======== AVAILABLE RECORDS ========

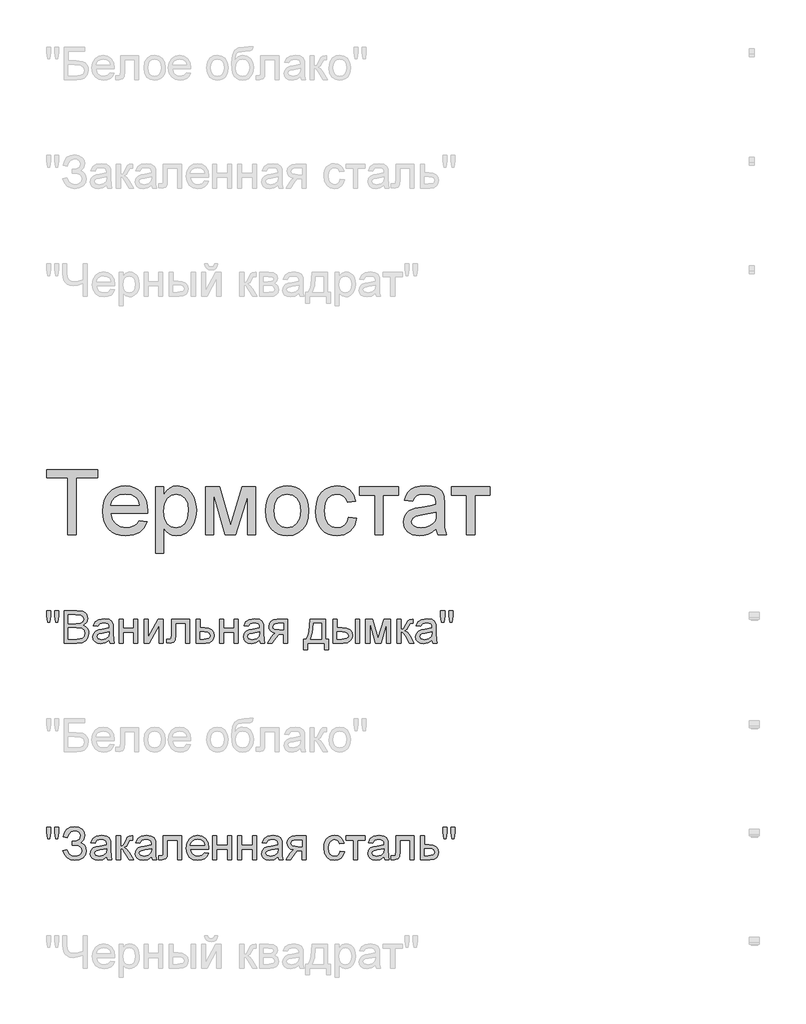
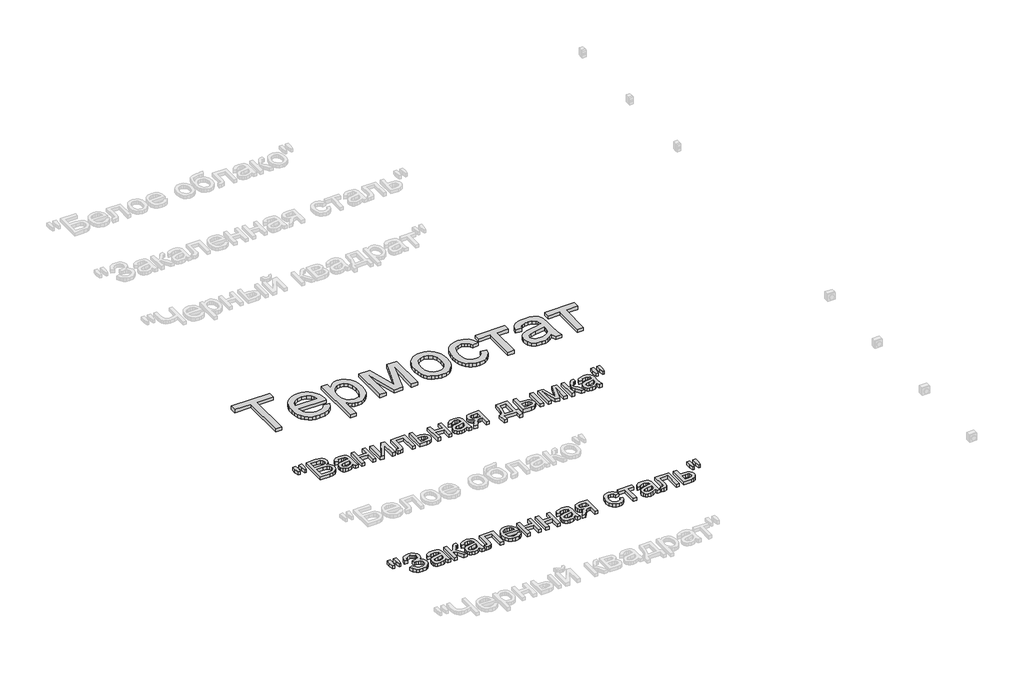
# One storey, part 12 of 168: 3 proxies.
"""IFC4 building model written with IfcOpenShell, lengths in millimetres."""

from ifc_helpers import new_model, si_unit, origin, origin_with_axes, place, context, project, spatial, polyline, outline, extrude, element, save

model = new_model("IFC4")

# Units and contexts
model_context = context("Model", 3, world=origin())
ifc_project = project(units=[si_unit("LENGTHUNIT", "METRE", prefix="MILLI")], contexts=[model_context])

# Site, building, storey
site = spatial("IfcSite", under=ifc_project)
building = spatial("IfcBuilding", under=site)
storey = spatial("IfcBuildingStorey", under=building, Name="Этаж 01", Elevation=0.0)

# Proxies
placement = place(None, origin())
element("IfcBuildingElementProxy", 1, Name="300 мм Arial 2", ObjectType="300 мм Arial 2", at=placement, inside=storey, context=model_context, shape_type="SweptSolid", body=[
    extrude(outline(polyline([(32974.4367343, -53165.7934012), (32974.4367343, -52902.095587), (32875.550054, -52902.095587), (32875.550054, -52864.4244707), (33110.9945309, -52864.4244707), (33110.9945309, -52902.095587), (33012.1078506, -52902.095587), (33012.1078506, -53165.7934012), (32974.4367343, -53165.7934012)])), origin_with_axes(), (0.0, 0.0, 1.0), 20.0),
    extrude(outline(polyline([(33303.6175436, -53099.8689477), (33340.5528959, -53104.5778372), (33327.2447647, -53132.4081101), (33306.0087765, -53153.211837), (33277.3231779, -53166.1796773), (33241.6662156, -53170.5022907), (33218.2919133, -53168.6375889), (33197.4651938, -53163.0434833), (33179.1860572, -53153.719974), (33163.4545034, -53140.6670609), (33150.8039613, -53124.2480276), (33141.7678598, -53104.8261575), (33136.3461989, -53082.4014507), (33134.5389786, -53056.973907), (33136.364593, -53030.6841399), (33141.8414362, -53007.5121728), (33150.9695082, -52987.4580055), (33163.748809, -52970.5216382), (33179.4389761, -52957.0663542), (33197.2996469, -52947.4554371), (33217.3308216, -52941.6888868), (33239.5325, -52939.7667034), (33261.0191078, -52941.6842883), (33280.4501749, -52947.437043), (33297.8257014, -52957.0249675), (33313.1456872, -52970.4480618), (33325.6513758, -52987.3476409), (33334.5840105, -53007.36502), (33339.9435913, -53030.5001989), (33341.7301183, -53056.7531778), (33341.5093891, -53066.9067209), (33172.2100949, -53066.9067209), (33178.7308032, -53095.1048758), (33193.8783444, -53115.8350262), (33215.739732, -53128.5821374), (33242.4019796, -53132.8311744), (33262.4515483, -53130.8630057), (33279.3373319, -53124.9584997), (33293.0593303, -53114.7497744), (33303.6175436, -53099.8689477)]), holes=[polyline([(33172.2100949, -53029.2356046), (33304.0590019, -53029.2356046), (33298.9638363, -53009.3331886), (33288.9758401, -52995.0961554), (33267.013285, -52981.8524036), (33239.3853472, -52977.4378197), (33213.9922925, -52980.9602898), (33192.9954276, -52991.5277001), (33178.3997094, -53007.9996164), (33172.2100949, -53029.2356046)])]), origin_with_axes(), (0.0, 0.0, 1.0), 20.0),
    extrude(outline(polyline([(33379.4012346, -53250.5534129), (33379.4012346, -52944.4755929), (33417.0723509, -52944.4755929), (33417.0723509, -52981.4109452), (33429.3596095, -52963.1915894), (33443.1183961, -52950.1777638), (33459.1580511, -52942.3694685), (33478.2879149, -52939.7667034), (33503.763743, -52943.4087351), (33526.0389978, -52954.3348304), (33544.1755802, -52971.8828015), (33557.235391, -52995.390461), (33565.1264598, -53023.1471576), (33567.7568161, -53053.4422399), (33564.786169, -53085.6595056), (33555.8742276, -53114.4738629), (33541.3061006, -53138.4229807), (33521.3668965, -53156.0445283), (33498.1443456, -53166.8878501), (33473.7261781, -53170.5022907), (33456.4081332, -53168.0834666), (33440.9478924, -53160.8269943), (33427.7133376, -53149.8733078), (33417.0723509, -53136.3628416), (33417.0723509, -53250.5534129), (33379.4012346, -53250.5534129)]), holes=[polyline([(33417.0723509, -53056.9003306), (33421.146644, -53090.6718978), (33433.3695233, -53114.2899219), (33451.4049381, -53128.1958613), (33472.9168377, -53132.8311744), (33494.7782253, -53128.0303144), (33513.2734926, -53113.6277343), (33525.882648, -53089.1451875), (33530.0856998, -53054.1044275), (33525.9838155, -53020.5168013), (33513.6781628, -52996.5676834), (33495.6703391, -52982.2202856), (33474.4619421, -52977.4378197), (33453.1707716, -52982.5237882), (33434.4731692, -52997.781694), (33421.4225555, -53022.7332903), (33417.0723509, -53056.9003306)])]), origin_with_axes(), (0.0, 0.0, 1.0), 20.0),
    extrude(outline(polyline([(33610.1368219, -52944.4755929), (33674.9576295, -52944.4755929), (33724.9160044, -53121.6475618), (33778.7739285, -52944.4755929), (33840.8724093, -52944.4755929), (33840.8724093, -53165.7934012), (33803.201293, -53165.7934012), (33803.201293, -52987.5913627), (33749.0490633, -53165.7934012), (33699.6057232, -53165.7934012), (33647.8079382, -52979.0565004), (33647.8079382, -53165.7934012), (33610.1368219, -53165.7934012), (33610.1368219, -52944.4755929)])), origin_with_axes(), (0.0, 0.0, 1.0), 20.0),
    extrude(outline(polyline([(33887.9613047, -53055.134497), (33889.9984512, -53026.4718911), (33896.1098909, -53001.7732136), (33906.2956236, -52981.0384647), (33920.5556495, -52964.2676442), (33934.9122443, -52953.5484826), (33950.7587613, -52945.8919386), (33968.0952003, -52941.2980122), (33986.9215614, -52939.7667034), (34007.7045949, -52941.6314052), (34026.496467, -52947.2255108), (34043.2971779, -52956.5490201), (34058.1067275, -52969.6019332), (34070.1939503, -52985.9427915), (34078.8276808, -53005.1301368), (34084.0079192, -53027.1639691), (34085.7346653, -53052.0442883), (34082.6812447, -53090.1016807), (34073.5209831, -53119.0723878), (34058.5205947, -53140.7682285), (34037.9467941, -53157.0010215), (34013.5102326, -53167.1269734), (33986.9215614, -53170.5022907), (33965.8350253, -53168.6444867), (33946.8684092, -53163.0710744), (33930.0217131, -53153.782054), (33915.2949369, -53140.7774255), (33903.3364728, -53124.277918), (33894.7947128, -53104.5042608), (33889.6696567, -53081.4564538), (33887.9613047, -53055.134497)]), holes=[polyline([(33925.632421, -53055.0609206), (33929.9918226, -53089.1543845), (33943.0700276, -53113.4437933), (33962.7517143, -53127.9843291), (33986.9215614, -53132.8311744), (34010.9810439, -53127.956738), (34030.6259424, -53113.3334287), (34043.7041474, -53088.7221232), (34048.063549, -53053.8836983), (34043.6765562, -53020.7835157), (34030.5155778, -52996.8252008), (34010.8430881, -52982.2846649), (33986.9215614, -52977.4378197), (33962.7517143, -52982.2662708), (33943.0700276, -52996.7516244), (33929.9918226, -53020.9858508), (33925.632421, -53055.0609206)])]), origin_with_axes(), (0.0, 0.0, 1.0), 20.0),
    extrude(outline(polyline([(34269.3813573, -53085.742279), (34307.0524736, -53090.4511686), (34296.5494426, -53123.9560213), (34276.8125736, -53149.2754996), (34249.6996706, -53165.1955929), (34217.0685376, -53170.5022907), (34195.9406147, -53168.6513844), (34176.9969913, -53163.0986656), (34160.2376671, -53153.8441341), (34145.6626423, -53140.8877901), (34133.8651266, -53124.4733553), (34125.4383296, -53104.8445516), (34120.3822515, -53082.001379), (34118.6968921, -53055.9438374), (34121.5755687, -53022.4205906), (34130.2115985, -52993.3671101), (34144.7429373, -52969.9054358), (34165.3075409, -52953.157608), (34189.9096493, -52943.1144295), (34216.5535028, -52939.7667034), (34248.3844924, -52944.3652283), (34273.8327294, -52958.1608031), (34292.0888734, -52980.4176638), (34302.3435841, -53010.4000464), (34264.6724678, -53015.108936), (34257.8390597, -52998.6738078), (34247.198073, -52986.8923869), (34233.3381188, -52979.8014615), (34216.8478084, -52977.4378197), (34192.5032174, -52982.0915269), (34173.1802156, -52996.0526486), (34160.5710602, -53020.0753429), (34156.3680084, -53054.9137678), (34160.4790897, -53090.2212423), (34172.8123336, -53114.3267101), (34191.7858475, -53128.2050583), (34215.8177388, -53132.8311744), (34235.3246816, -53129.9433008), (34251.3183513, -53121.2796798), (34262.9526194, -53106.6195823), (34269.3813573, -53085.742279)])), origin_with_axes(), (0.0, 0.0, 1.0), 20.0),
    extrude(outline(polyline([(34321.1791422, -52944.4755929), (34500.1169447, -52944.4755929), (34500.1169447, -52982.1467092), (34429.4836016, -52982.1467092), (34429.4836016, -53165.7934012), (34391.8124853, -53165.7934012), (34391.8124853, -52982.1467092), (34321.1791422, -52982.1467092), (34321.1791422, -52944.4755929)])), origin_with_axes(), (0.0, 0.0, 1.0), 20.0),
    extrude(outline(polyline([(34674.3458576, -53137.540064), (34656.347231, -53152.9727137), (34637.8151755, -53163.0710744), (34618.3266268, -53168.6444867), (34597.4585206, -53170.5022907), (34565.9770189, -53166.0325245), (34542.7544679, -53152.6232258), (34528.4346612, -53132.2609573), (34523.6613924, -53106.932282), (34525.4640141, -53091.3156913), (34530.8718795, -53077.1338404), (34539.2136037, -53064.9937345), (34549.8178022, -53055.502379), (34576.1949413, -53043.141544), (34608.789286, -53037.4761613), (34647.3065309, -53031.516473), (34674.1251284, -53024.526715), (34674.3458576, -53016.1390056), (34671.7522895, -52999.3267984), (34663.9715853, -52988.3271267), (34646.5707669, -52980.1601464), (34622.3273435, -52977.4378197), (34599.8865418, -52979.2496385), (34584.2147688, -52984.685095), (34573.5277968, -52994.7374705), (34566.0413982, -53010.4000464), (34528.3702819, -53005.6911569), (34534.9093844, -52985.0897652), (34544.6674543, -52968.9029574), (34558.5549996, -52956.5237282), (34577.4825283, -52947.3450725), (34600.6315028, -52941.6612956), (34627.1833858, -52939.7667034), (34652.6500169, -52941.4405664), (34672.8375414, -52946.4621557), (34688.058659, -52954.0129336), (34698.6260693, -52963.2743628), (34705.6342213, -52974.7246899), (34710.1775639, -52988.8421615), (34712.0169739, -53021.8043883), (34712.0169739, -53068.6725545), (34713.9299603, -53134.1187614), (34721.434753, -53165.7934012), (34683.7636367, -53165.7934012), (34674.3458576, -53137.540064)]), holes=[polyline([(34674.3458576, -53062.1978313), (34613.571752, -53073.749326), (34581.1613482, -53079.8561671), (34566.4828566, -53089.788981), (34561.3325087, -53104.2835316), (34564.1376089, -53115.4855383), (34572.5529095, -53124.6641941), (34586.3944696, -53130.7894293), (34605.4783481, -53132.8311744), (34625.7118578, -53130.5778972), (34643.5909228, -53123.8180655), (34658.0854734, -53113.8576605), (34668.1654401, -53102.0026632), (34672.6352063, -53089.788981), (34674.1251284, -53072.8664092), (34674.3458576, -53062.1978313)])]), origin_with_axes(), (0.0, 0.0, 1.0), 20.0),
    extrude(outline(polyline([(34744.9792007, -52944.4755929), (34923.9170031, -52944.4755929), (34923.9170031, -52982.1467092), (34853.28366, -52982.1467092), (34853.28366, -53165.7934012), (34815.6125437, -53165.7934012), (34815.6125437, -52982.1467092), (34744.9792007, -52982.1467092), (34744.9792007, -52944.4755929)])), origin_with_axes(), (0.0, 0.0, 1.0), 20.0),
])
element("IfcBuildingElementProxy", 2, Name="150", ObjectType="150", at=placement, inside=storey, context=model_context, shape_type="SweptSolid", body=[
    extrude(outline(polyline([(32880.1485789, -53569.2611657), (32875.550054, -53540.1616998), (32875.550054, -53515.108936), (32894.3856121, -53515.108936), (32894.3856121, -53540.1616998), (32890.2653338, -53569.2611657), (32880.1485789, -53569.2611657)])), origin_with_axes(), (0.0, 0.0, 1.0), 20.0),
    extrude(outline(polyline([(32917.7093306, -53569.2611657), (32913.2211703, -53540.1616998), (32913.2211703, -53515.108936), (32932.0567284, -53515.108936), (32932.0567284, -53540.1616998), (32927.6421445, -53569.2611657), (32917.7093306, -53569.2611657)])), origin_with_axes(), (0.0, 0.0, 1.0), 20.0),
    extrude(outline(polyline([(32957.9556209, -53665.7934012), (32957.9556209, -53515.108936), (33015.4555767, -53515.108936), (33043.6169435, -53519.541914), (33053.0807078, -53525.16591), (33060.2452096, -53533.1719419), (33066.2600803, -53552.4489585), (33061.2017028, -53570.0521119), (33045.9162059, -53583.3878343), (33056.5893823, -53588.9612465), (33064.4758526, -53597.4409265), (33069.3456905, -53608.2658542), (33070.9689698, -53620.8750096), (33066.5359918, -53641.1269134), (33055.5547142, -53655.5478876), (33039.1655713, -53663.1998331), (33015.0141183, -53665.7934012), (32957.9556209, -53665.7934012)]), holes=[polyline([(32976.791179, -53576.3245), (33011.1881456, -53576.3245), (33031.2745025, -53574.7058192), (33043.3594261, -53567.7344554), (33047.4245221, -53555.4655908), (33043.6353376, -53543.1783322), (33032.7828187, -53535.9126628), (33008.5761834, -53533.9444941), (32976.791179, -53533.9444941), (32976.791179, -53576.3245)]), polyline([(32976.791179, -53646.957843), (33015.4187885, -53646.957843), (33029.3983043, -53646.222079), (33041.2257105, -53642.1201948), (33049.061597, -53633.7508794), (33052.1334117, -53621.0589506), (33048.5281681, -53606.4172472), (33036.8479148, -53597.6800498), (33013.5793786, -53595.1600581), (32976.791179, -53595.1600581), (32976.791179, -53646.957843)])]), origin_with_axes(), (0.0, 0.0, 1.0), 20.0),
    extrude(outline(polyline([(33165.1467606, -53651.6667326), (33146.8814195, -53664.4322378), (33126.7030921, -53668.147846), (33110.9623412, -53665.9129628), (33099.3510657, -53659.2083135), (33092.1911624, -53649.0271793), (33089.804528, -53636.3628416), (33093.4097715, -53621.4636208), (33102.8827329, -53610.6478901), (33116.0713024, -53604.4674726), (33132.3684748, -53601.6347812), (33165.036396, -53595.1600581), (33165.1467606, -53590.9662034), (33163.8499765, -53582.5600998), (33159.9596244, -53577.060264), (33151.2592153, -53572.9767738), (33139.1375035, -53571.6156104), (33120.0812162, -53575.2392481), (33110.9945309, -53588.0967238), (33092.1589727, -53585.742279), (33100.3075589, -53567.3481793), (33116.7150959, -53556.5692368), (33141.5655247, -53552.7800523), (33164.3926025, -53556.1277784), (33177.2868664, -53564.533882), (33183.0626137, -53577.3177814), (33183.9823187, -53593.7988947), (33183.9823187, -53617.2329778), (33184.9388119, -53649.9560813), (33188.6912083, -53665.7934012), (33169.8556501, -53665.7934012), (33165.1467606, -53651.6667326)]), holes=[polyline([(33165.1467606, -53613.9956163), (33134.7597078, -53619.7713636), (33118.5545059, -53622.8247842), (33111.2152601, -53627.7911911), (33108.6400861, -53635.0384664), (33114.2502865, -53645.2287977), (33130.7130058, -53649.3122878), (33149.7692932, -53644.8057334), (33162.0565518, -53633.8980322), (33165.036396, -53619.3299052), (33165.1467606, -53613.9956163)])]), origin_with_axes(), (0.0, 0.0, 1.0), 20.0),
    extrude(outline(polyline([(33209.8812112, -53555.134497), (33228.7167693, -53555.134497), (33228.7167693, -53597.5145029), (33278.1601095, -53597.5145029), (33278.1601095, -53555.134497), (33296.9956676, -53555.134497), (33296.9956676, -53665.7934012), (33278.1601095, -53665.7934012), (33278.1601095, -53616.350061), (33228.7167693, -53616.350061), (33228.7167693, -53665.7934012), (33209.8812112, -53665.7934012), (33209.8812112, -53555.134497)])), origin_with_axes(), (0.0, 0.0, 1.0), 20.0),
    extrude(outline(polyline([(33325.2490049, -53555.134497), (33344.084563, -53555.134497), (33344.084563, -53639.5266267), (33390.364118, -53555.134497), (33414.7179061, -53555.134497), (33414.7179061, -53665.7934012), (33395.8823479, -53665.7934012), (33395.8823479, -53581.9163063), (33349.8970985, -53665.7934012), (33325.2490049, -53665.7934012), (33325.2490049, -53555.134497)])), origin_with_axes(), (0.0, 0.0, 1.0), 20.0),
    extrude(outline(polyline([(33452.3890224, -53555.134497), (33537.1490341, -53555.134497), (33537.1490341, -53665.6830366), (33518.3134759, -53665.6830366), (33518.3134759, -53573.9700552), (33471.2245806, -53573.9700552), (33471.2245806, -53626.7611215), (33469.9553877, -53651.1149096), (33462.9840239, -53661.3972113), (33446.5029105, -53665.7934012), (33431.1990195, -53664.836908), (33431.1990195, -53646.957843), (33439.6235172, -53646.957843), (33448.1399854, -53645.7990148), (33451.5428938, -53642.1201948), (33452.3890224, -53625.6942637), (33452.3890224, -53555.134497)])), origin_with_axes(), (0.0, 0.0, 1.0), 20.0),
    extrude(outline(polyline([(33565.4023713, -53555.134497), (33584.2379295, -53555.134497), (33584.2379295, -53595.1600581), (33605.9429672, -53595.1600581), (33624.7601312, -53597.5191014), (33638.6844648, -53604.5962313), (33647.2929034, -53615.8212307), (33650.162383, -53630.6238825), (33647.7205663, -53644.102159), (33640.395116, -53655.4743112), (33627.6985887, -53663.2136287), (33609.1435405, -53665.7934012), (33565.4023713, -53665.7934012), (33565.4023713, -53555.134497)]), holes=[polyline([(33584.2379295, -53646.957843), (33601.8226888, -53646.957843), (33624.539402, -53643.0031116), (33629.6299692, -53637.9401356), (33631.3268249, -53630.6606707), (33626.3052356, -53619.0723878), (33618.2348244, -53615.2648092), (33604.066769, -53613.9956163), (33584.2379295, -53613.9956163), (33584.2379295, -53646.957843)])]), origin_with_axes(), (0.0, 0.0, 1.0), 20.0),
    extrude(outline(polyline([(33673.7068307, -53555.134497), (33692.5423889, -53555.134497), (33692.5423889, -53597.5145029), (33741.985729, -53597.5145029), (33741.985729, -53555.134497), (33760.8212872, -53555.134497), (33760.8212872, -53665.7934012), (33741.985729, -53665.7934012), (33741.985729, -53616.350061), (33692.5423889, -53616.350061), (33692.5423889, -53665.7934012), (33673.7068307, -53665.7934012), (33673.7068307, -53555.134497)])), origin_with_axes(), (0.0, 0.0, 1.0), 20.0),
    extrude(outline(polyline([(33859.7079675, -53651.6667326), (33841.4426264, -53664.4322378), (33821.264299, -53668.147846), (33805.5235481, -53665.9129628), (33793.9122726, -53659.2083135), (33786.7523693, -53649.0271793), (33784.3657349, -53636.3628416), (33787.9709784, -53621.4636208), (33797.4439398, -53610.6478901), (33810.6325093, -53604.4674726), (33826.9296817, -53601.6347812), (33859.5976029, -53595.1600581), (33859.7079675, -53590.9662034), (33858.4111834, -53582.5600998), (33854.5208313, -53577.060264), (33845.8204221, -53572.9767738), (33833.6987104, -53571.6156104), (33814.6424231, -53575.2392481), (33805.5557378, -53588.0967238), (33786.7201796, -53585.742279), (33794.8687658, -53567.3481793), (33811.2763028, -53556.5692368), (33836.1267316, -53552.7800523), (33858.9538094, -53556.1277784), (33871.8480733, -53564.533882), (33877.6238206, -53577.3177814), (33878.5435256, -53593.7988947), (33878.5435256, -53617.2329778), (33879.5000188, -53649.9560813), (33883.2524152, -53665.7934012), (33864.416857, -53665.7934012), (33859.7079675, -53651.6667326)]), holes=[polyline([(33859.7079675, -53613.9956163), (33829.3209147, -53619.7713636), (33813.1157128, -53622.8247842), (33805.776467, -53627.7911911), (33803.201293, -53635.0384664), (33808.8114934, -53645.2287977), (33825.2742127, -53649.3122878), (33844.3305001, -53644.8057334), (33856.6177587, -53633.8980322), (33859.5976029, -53619.3299052), (33859.7079675, -53613.9956163)])]), origin_with_axes(), (0.0, 0.0, 1.0), 20.0),
    extrude(outline(polyline([(33989.2024298, -53555.134497), (33989.2024298, -53665.7934012), (33970.3668716, -53665.7934012), (33970.3668716, -53623.4133953), (33960.1029639, -53623.4133953), (33946.1234481, -53625.8046283), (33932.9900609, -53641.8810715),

========

#### EXERCISE INSTRUCTIONS
Your answer should be all lines from the data that contain "SweptSolid".

#### YOUR RESPONSE
element("IfcBuildingElementProxy", 1, Name="300 мм Arial 2", ObjectType="300 мм Arial 2", at=placement, inside=storey, context=model_context, shape_type="SweptSolid", body=[
element("IfcBuildingElementProxy", 2, Name="150", ObjectType="150", at=placement, inside=storey, context=model_context, shape_type="SweptSolid", body=[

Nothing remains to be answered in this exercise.